A SEA of yellow and blue stalls, Gloucester Green market is now over-subscribed for the first time in decades after two private firms took control.

Oxford City Council has handed over responsibility for the market to Geraud and LSD, two companies with a track record for results across the UK.

And for those who were cynical ahead of Wednesday’s big launch, the sight of the market square packed with stalls and customers may have gone some way to putting people’s minds at rest.
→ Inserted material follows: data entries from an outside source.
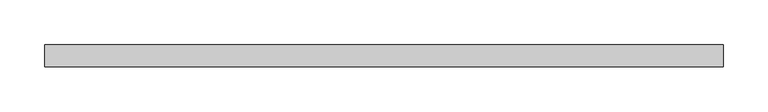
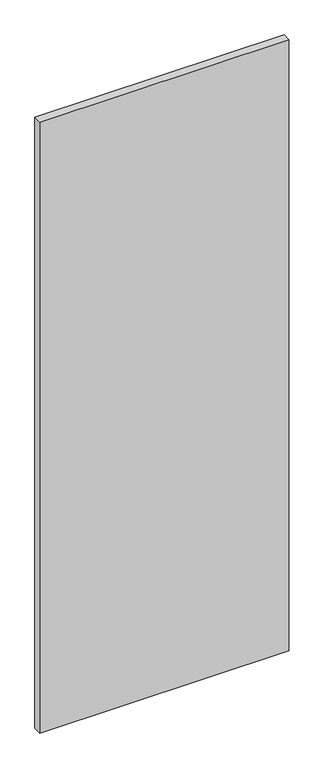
"""IFC4 building model written with IfcOpenShell, lengths in millimetres: plate geometry, 系统嵌板 : 玻璃."""

from ifc_helpers import new_model, si_unit, origin, origin_with_axes, place, context, project, spatial, polyline, outline, extrude, source, transform, mapped, element, save


def plate_c03f1867(model_context):
    return source(origin(), model_context, "Body", "SweptSolid", [
        extrude(outline(polyline([(380.0, -12.5), (-380.0, -12.5), (-380.0, 12.5), (380.0, 12.5), (380.0, -12.5)])), origin_with_axes(), (0.0, 0.0, 1.0), 1970.0),
    ])


if __name__ == "__main__":
    model = new_model("IFC4")
    model_context = context("Model", 3, world=origin())
    ifc_project = project(units=[si_unit("LENGTHUNIT", "METRE", prefix="MILLI")], contexts=[model_context])
    site = spatial("IfcSite", under=ifc_project)
    building = spatial("IfcBuilding", under=site)
    placement = place(None, origin())
    plate_shape = plate_c03f1867(model_context)
    element("IfcPlate", 1, ObjectType="系统嵌板 : 玻璃", at=placement, inside=building, context=model_context, shape_type="MappedRepresentation", body=[
        mapped(plate_shape, transform((0.0, 0.0, 0.0), x_axis=(1.0, 0.0, 0.0), y_axis=(0.0, 1.0, 0.0), z_axis=(0.0, 0.0, 1.0))),
    ])
    save(model, "model.ifc")

But why was the market looking tired and empty in the first place?

The answer, as council leader Bob Price has readily admitted, is money.

The council had already been subsidising the market to the tune of £80,000 a year, because it makes less in rent than it spends on the upkeep.

By bringing more traders into the market and by better promoting the products on offer, the new management will hope to make it profitable again. The square has the capacity for 100 stalls, but has previously only catered for between 30 and 40. The cost of renting a spot in the market will be frozen at £28.67 a day for the first year of the contract, and the council will still have responsibility for setting the rents, which are expected to rise with inflation. The new lease of life given to the market was partly down to the expertise and experience of Geraud and LSD, something the council could never claim to match, and through a £150,000 investment in new stalls and in marketing.

The council – with £12m of cuts already made and more than £8m of extra on the horizon – was in no position to spend money on the market, and stalls faded, interest dwindled and visitor numbers dropped.

But the market still had a unique selling point, which the new managers were keen to build on, according to Geraud’s Tony Fraser.

He said: “We get a lot of opportunities to bid for contracts and a lot of the time we find those markets can not be saved, that the world has moved on around them.

“Stratford and Oxford were identified as two places where we could really make a difference.

“What you’ve got here is three fruit and veg traders who are busy from the beginning of the day to the end, which is unprecedented in our experience.

“I think the market has been neglected in terms of promotion, which is nobody’s fault.”

It was the two companies’ reputation for running markets across the UK and Europe which brought many of the new traders in to Gloucester Green. Opening the new-look market on Wednesday, Lord Mayor of Oxford Dee Sinclair said the only way was up.

She said: “It’s a wonderful asset to the city of Oxford. It increases the diversity of the shopping experience and this is really good news.”

The modern-day Gloucester Green Wednesday market opened in 1986 after moving from Oxpens. Stallholders sell a variety of items, from clothes to hot food, fruit and veg to bric-a-brac.

On Thursdays, a craft and antique market is held and a farmers’ market takes place fortnightly, also on Thursdays. Time will tell if the initial hype of bright new stalls, a new management and promises of better promotions pays off.

TRADERS old and new were singing the market’s praises after a record number of stalls were packed in for Wednesday’s grand re-opening.

The same traders, who weeks ago criticised the market’s tired and shabby appearance under city council rule, now see a bright new future at Gloucester Green.

Many of the newcomers also trade at the market in Stratford-upon-Avon, which is considered to be Geraud and LSD’s latest success story.

Tony Peddle, 50, who sells watch straps, incense and other items from his stall said it was up to customers to vote with their feet. He said: “It’s wonderful, a great start.

This is just day one, but it’s onwards and upwards from here. “If Stratford is anything to go by, it should be good, but we’ve done all we can. Now it’s up to the customers.”

Wednesday represented a first for Phlint, a Wallsall-based company which sells scarves and ties. Owner Linda Harvey said: “We’ve worked with LSD and Geraud before in Stratford, that was the incentive. We hadn’t considered Oxford before. I think there’s a good buzz about the market and the regular people I have seen going by have said how different it is.”